On 8/1/20 5:15 am, George Shuklin wrote:

On 1/7/20 4:33 PM, David Wright wrote:

On Tue 07 Jan 2020 at 14:58:08 (+0200), George Shuklin wrote:

After recent minor package upgrade (I'm on sid) I found that the root
filesystem is in 'RO' mode. I changed 'ro' into 'rw' in grub.conf and
after reboot everything works fine. Any update which triggers
update-grub causes 'ro' back.

Assuming you mean grub.cfg, you shouldn't do that. Your initialisation
system will take care of switching from ro to rw at the correct time.


I know, I've shouldn't, but at least I got a system with working UI.
I want to fix this problem, but I can't find a place where 'rw' 
remount happens.



I tried to find what's broke, but failed.

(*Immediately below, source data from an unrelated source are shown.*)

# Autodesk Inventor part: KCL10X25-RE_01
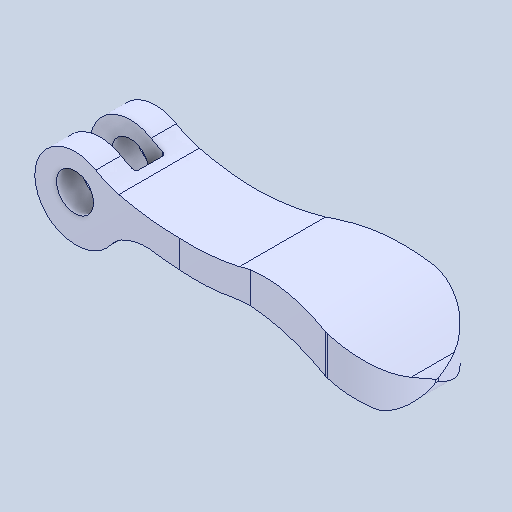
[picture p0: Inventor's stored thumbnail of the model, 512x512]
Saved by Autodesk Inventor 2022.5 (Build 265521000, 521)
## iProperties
Created: 2024-08
Part Number: KCL10X25-RE_01
Material: 一般
Document SubType Name: Modeling
Designer: ImaoCorp
Density: 1 g/cm^3
Appearance: 既定
Author: ImaoCorp
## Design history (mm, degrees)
feature "KCL10X25-RE_01"
node "ソリッド1"
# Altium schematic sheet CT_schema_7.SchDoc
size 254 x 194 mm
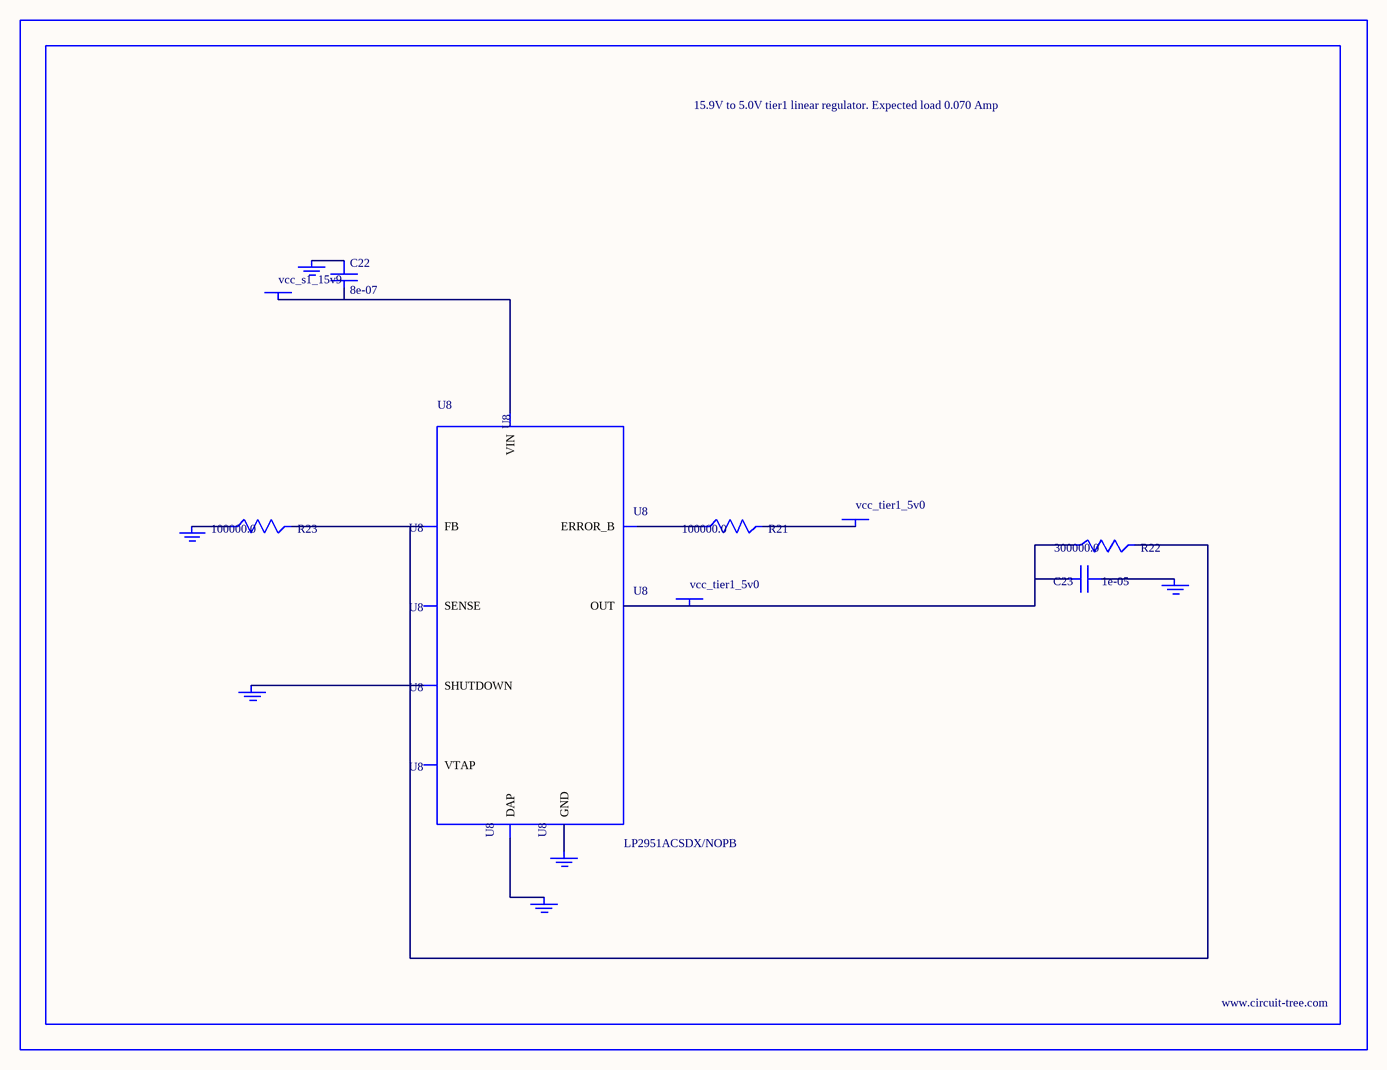
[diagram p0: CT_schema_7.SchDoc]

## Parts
BORDER6  (no value)
C22  8e-07  [R0603]
C23  1e-05  [C1210]
GND_INSTANCE_6_0  (no value)
GND_INSTANCE_6_1  (no value)
GND_INSTANCE_6_2  (no value)
GND_INSTANCE_6_3  (no value)
GND_INSTANCE_6_4  (no value)
GND_INSTANCE_6_5  (no value)
POWER_INSTANCE_6_0  vcc_tier1_5v0
POWER_INSTANCE_6_1  vcc_s1_15v9
POWER_INSTANCE_6_2  vcc_tier1_5v0
R21  100000.0  [R0603]
R22  300000.0  [R0603]
R23  100000.0  [R0603]
U8  LP2951ACSDX/NOPB  [WSON-8]

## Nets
NetC22_1: C22.1 GND_INSTANCE_6_3.0(GND)
NetC22_2: C22.2 POWER_INSTANCE_6_1.0(PWR) U8.8(VIN)
NetC23_1: C23.1 GND_INSTANCE_6_0.0(GND)
NetC23_2: C23.2 POWER_INSTANCE_6_2.0(PWR) R22.1 U8.1(OUT)
NetGND_INSTANCE_6_1_0: GND_INSTANCE_6_1.0(GND) U8.3(SHUTDOWN)
NetGND_INSTANCE_6_2_0: GND_INSTANCE_6_2.0(GND) R23.1
NetGND_INSTANCE_6_4_0: GND_INSTANCE_6_4.0(GND) U8.PAD(DAP)
NetGND_INSTANCE_6_5_0: GND_INSTANCE_6_5.0(GND) U8.4(GND)
NetPOWER_INSTANCE_6_0_0: POWER_INSTANCE_6_0.0(PWR) R21.2
NetR21_1: R21.1 U8.5(ERROR_B)
NetR22_2: R22.2 R23.2 U8.7(FB)

Not connected (* = marked no-connect by the designer): U8 2(SENSE) 6(VTAP)

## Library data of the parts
BORDER6 = BORDER_PAGE6
C22 = C22
C23 = GRM32DR61E106MA12L
GND_INSTANCE_6_0-GND_INSTANCE_6_5 = GND
POWER_INSTANCE_6_0-POWER_INSTANCE_6_2 = PWR
R21 R23 = RC0603JR-07100KL
R22 = RC0603JR-07300KL
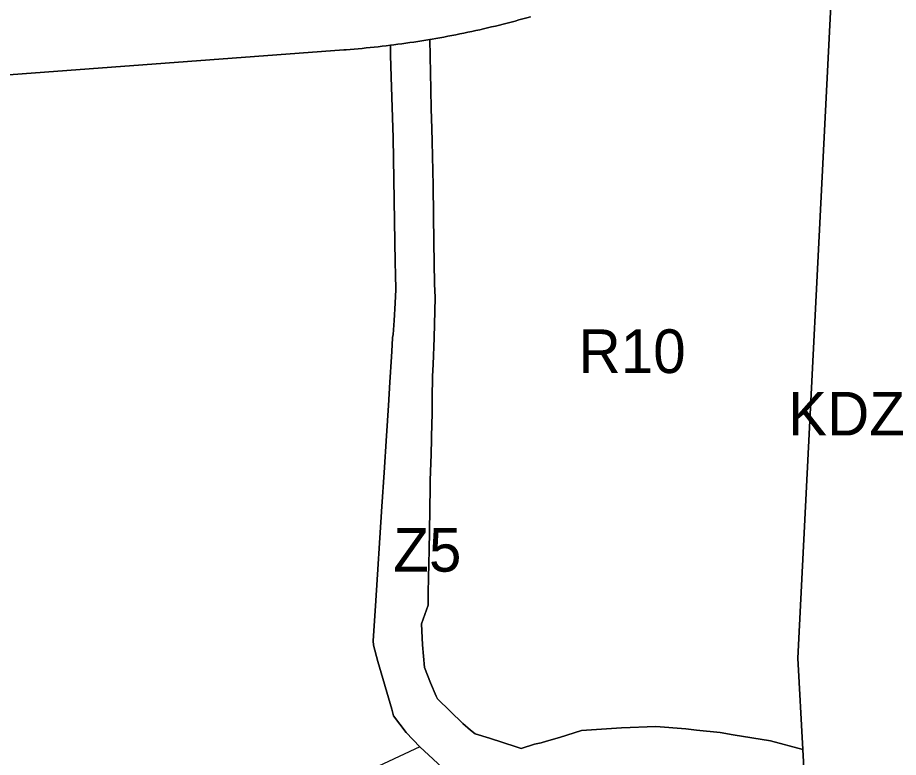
# Model space of a CAD drawing. Extents: x 7439486 to 7443435, y 5551288 to 5554556.
# Drawn here: x 7440595.5 to 7440797.2, y 5551897.3 to 5552066.8 of the extents above; entities that cross this region are included whole.
import ezdxf

# ---------------------------------------------------------------- set-up
doc = ezdxf.new("R2010")
doc.units = 0
doc.layers.add('linie_rozgraniczajace', color=7, linetype='Continuous')
doc.layers.add('oznaczenia_przeznaczen', color=7, linetype='Continuous')

msp = doc.modelspace()

# ---------------------------------------------------------------- linework, layer by layer
at = {"layer": 'linie_rozgraniczajace'}
for points in [[(7440781.88, 5552072.73), (7440774.18, 5551920.04), (7440775.35, 5551899.06), (7440767.92, 5551901.09), (7440759.38, 5551902.49), (7440756.43, 5551902.97), (7440751.01, 5551903.5), (7440748.51, 5551903.81), (7440741.64, 5551904.37), (7440733.79, 5551904.09), (7440724.61, 5551903.41), (7440719.57, 5551901.86), (7440716.59, 5551900.97), (7440715.39, 5551900.62), (7440713.89, 5551900.29), (7440710.86, 5551899.35), (7440709.66, 5551899.7), (7440703.56, 5551901.68), (7440700.28, 5551902.66), (7440699.24, 5551903.5), (7440697.46, 5551905.07), (7440691.65, 5551910.74), (7440691.38, 5551911.28), (7440690.09, 5551914.38), (7440688.71, 5551917.92), (7440688.22, 5551923.1), (7440687.98, 5551927.86)], [(7440687.98, 5551927.86), (7440689.5, 5551932.18), (7440689.49, 5551935.05), (7440689.57, 5551938.46), (7440689.72, 5551944.84), (7440689.85, 5551949.06), (7440689.99, 5551959.18), (7440690.01, 5551960.77), (7440690.22, 5551966.69), (7440690.37, 5551973.91), (7440690.44, 5551975.71), (7440690.43, 5551977.08), (7440690.46, 5551979.55), (7440690.53, 5551984.62), (7440690.67, 5551987.29), (7440690.91, 5551993.45), (7440691.09, 5552002.68), (7440691, 5552005.79), (7440690.79, 5552015.34), (7440690.71, 5552021.54), (7440690.63, 5552028.35), (7440690.42, 5552038.39), (7440690.36, 5552041.38), (7440690.19, 5552045.86), (7440690.15, 5552050.34), (7440689.9, 5552061.77), (7440690.4, 5552061.86), (7440691.31, 5552062.02), (7440692.23, 5552062.18), (7440693.14, 5552062.34), (7440694.05, 5552062.51), (7440694.96, 5552062.69), (7440695.87, 5552062.86), (7440696.78, 5552063.05), (7440697.69, 5552063.23), (7440698.6, 5552063.42), (7440699.5, 5552063.61), (7440700.41, 5552063.81), (7440701.32, 5552064.01), (7440702.22, 5552064.22), (7440703.12, 5552064.43), (7440704.03, 5552064.64), (7440704.93, 5552064.86), (7440705.83, 5552065.08), (7440706.73, 5552065.3), (7440707.63, 5552065.53), (7440708.52, 5552065.76), (7440709.42, 5552066), (7440710.32, 5552066.24), (7440711.21, 5552066.48), (7440712.11, 5552066.73), (7440713, 5552066.98)], [(7440713, 5552066.98), (7440712.11, 5552066.73), (7440711.21, 5552066.48), (7440710.32, 5552066.24), (7440709.42, 5552066), (7440708.52, 5552065.76), (7440707.63, 5552065.53), (7440706.73, 5552065.3), (7440705.83, 5552065.08), (7440704.93, 5552064.86), (7440704.03, 5552064.64), (7440703.12, 5552064.43), (7440702.22, 5552064.22), (7440701.32, 5552064.01), (7440700.41, 5552063.81), (7440699.5, 5552063.61), (7440698.6, 5552063.42)], [(7440698.6, 5552063.42), (7440697.69, 5552063.23), (7440696.78, 5552063.05), (7440695.87, 5552062.86), (7440694.96, 5552062.69), (7440694.05, 5552062.51), (7440693.14, 5552062.34), (7440692.23, 5552062.18), (7440691.31, 5552062.02), (7440690.4, 5552061.86), (7440689.9, 5552061.77), (7440688.99, 5552061.62), (7440688.07, 5552061.47), (7440687.16, 5552061.33), (7440686.24, 5552061.19), (7440685.32, 5552061.05), (7440684.4, 5552060.92), (7440683.49, 5552060.79), (7440682.57, 5552060.67), (7440681.65, 5552060.55), (7440680.86, 5552060.45), (7440679.93, 5552060.34), (7440679.01, 5552060.23), (7440678.09, 5552060.12), (7440677.17, 5552060.02), (7440676.25, 5552059.92), (7440675.33, 5552059.83), (7440674.4, 5552059.74), (7440673.48, 5552059.66), (7440672.56, 5552059.57), (7440671.63, 5552059.5), (7440670.71, 5552059.42), (7440670.22, 5552059.39), (7440570.85, 5552051.98)], [(7440570.85, 5552051.98), (7440670.22, 5552059.39), (7440670.71, 5552059.42), (7440671.63, 5552059.5), (7440672.56, 5552059.57), (7440673.48, 5552059.66), (7440674.4, 5552059.74), (7440675.33, 5552059.83), (7440676.25, 5552059.92), (7440677.17, 5552060.02), (7440678.09, 5552060.12), (7440679.01, 5552060.23), (7440679.93, 5552060.34), (7440680.86, 5552060.45), (7440680.92, 5552058.18), (7440681.07, 5552053.18), (7440681.49, 5552039.25), (7440681.99, 5552010.68), (7440682.04, 5552007.92), (7440682.14, 5552004.46), (7440681.93, 5552001.35), (7440681.73, 5551997.38), (7440681.48, 5551994.18), (7440681.38, 5551993.49), (7440681.29, 5551991.76), (7440681.1, 5551989.05), (7440680.75, 5551983.29), (7440680.43, 5551977.88), (7440679.97, 5551970.97), (7440679.41, 5551962.56), (7440678.89, 5551954.77), (7440677.46, 5551932.02), (7440676.91, 5551924.03), (7440677, 5551922.99), (7440678.01, 5551919.29), (7440681.18, 5551908.37), (7440681.58, 5551906.81), (7440684.5, 5551902.97), (7440687.6, 5551899.74), (7440576.88, 5551847.95)], [(7440693.75, 5551894.06), (7440687.6, 5551899.74), (7440684.5, 5551902.97), (7440681.58, 5551906.81), (7440681.18, 5551908.37), (7440678.01, 5551919.29), (7440677, 5551922.99), (7440676.91, 5551924.03), (7440677.46, 5551932.02), (7440678.89, 5551954.77), (7440679.41, 5551962.56), (7440679.97, 5551970.97), (7440680.43, 5551977.88), (7440680.75, 5551983.29), (7440681.1, 5551989.05), (7440681.29, 5551991.76), (7440681.38, 5551993.49), (7440681.48, 5551994.18), (7440681.73, 5551997.38), (7440681.93, 5552001.35), (7440682.14, 5552004.46), (7440682.04, 5552007.92), (7440681.99, 5552010.68), (7440681.49, 5552039.25), (7440681.07, 5552053.18), (7440680.92, 5552058.18), (7440680.86, 5552060.45), (7440681.65, 5552060.55), (7440682.57, 5552060.67), (7440683.49, 5552060.79), (7440684.4, 5552060.92), (7440685.32, 5552061.05), (7440686.24, 5552061.19), (7440687.16, 5552061.33), (7440688.07, 5552061.47), (7440688.99, 5552061.62), (7440689.9, 5552061.77), (7440690.15, 5552050.34), (7440690.19, 5552045.86), (7440690.36, 5552041.38), (7440690.42, 5552038.39), (7440690.63, 5552028.35), (7440690.71, 5552021.54), (7440690.79, 5552015.34), (7440691, 5552005.79), (7440691.09, 5552002.68), (7440690.91, 5551993.45), (7440690.67, 5551987.29), (7440690.53, 5551984.62), (7440690.46, 5551979.55), (7440690.43, 5551977.08), (7440690.44, 5551975.71), (7440690.37, 5551973.91), (7440690.22, 5551966.69), (7440690.01, 5551960.77), (7440689.99, 5551959.18), (7440689.85, 5551949.06), (7440689.72, 5551944.84), (7440689.57, 5551938.46), (7440689.49, 5551935.05), (7440689.5, 5551932.18), (7440687.98, 5551927.86), (7440688.22, 5551923.1), (7440688.71, 5551917.92), (7440690.09, 5551914.38), (7440691.38, 5551911.28), (7440691.65, 5551910.74), (7440697.46, 5551905.07), (7440699.24, 5551903.5), (7440700.28, 5551902.66), (7440703.56, 5551901.68), (7440709.66, 5551899.7), (7440710.86, 5551899.35), (7440713.89, 5551900.29), (7440715.39, 5551900.62), (7440716.59, 5551900.97), (7440719.57, 5551901.86), (7440724.61, 5551903.41), (7440733.79, 5551904.09), (7440741.64, 5551904.37), (7440748.51, 5551903.81), (7440751.01, 5551903.5), (7440756.43, 5551902.97), (7440759.38, 5551902.49), (7440767.92, 5551901.09), (7440775.35, 5551899.06), (7440776.29, 5551882.14)]]:
    msp.add_lwpolyline(points, dxfattribs=at)
msp.add_lwpolyline([(7440774.18, 5551920.04), (7440781.88, 5552072.73), (7440806.89, 5552072.31), (7440803.64, 5552007.76), (7440799.21, 5551920.11), (7440800.76, 5551892.23), (7440801.61, 5551877.02), (7440776.82, 5551882.03), (7440776.29, 5551882.14), (7440775.35, 5551899.06)], close=True, dxfattribs=at)

# ---------------------------------------------------------------- texts
at = {"layer": 'oznaczenia_przeznaczen'}
for s, p in [('R10', (7440723.98, 5551985.35)), ('KDZ3', (7440771.99, 5551971.04)), ('Z5', (7440681.53, 5551939.84))]:
    msp.add_text(s, height=10, dxfattribs=at).set_placement(p)

doc.saveas('drawing.dxf')

I can't find who remounts root filesystem into rw mode. Is this some
systemd generators magic? Or is this happens inside initrd?

You need to look at your logs. I've only had root switch to ro upon
getting i/o errors, which is what the fstab entry for root specifies:

LABEL=swan07  /  ext4  errors=remount-ro  0  1

It's a safety feature to stop those errors from gradually corrupting
the filesystem further.


RO on errors is a separate thing.

As far as I understand (the fact I started the thread is a proof I 
don't), initrd mounts root as readonly, and something after pivot_root 
doing mount -o remount,rw for /.


Unfortunately, I absolutely coudn't find it.

There is a unit '-.mount' which claims to be root mount generated by 
systemd-fstab-generator, but I can't see any problems with it.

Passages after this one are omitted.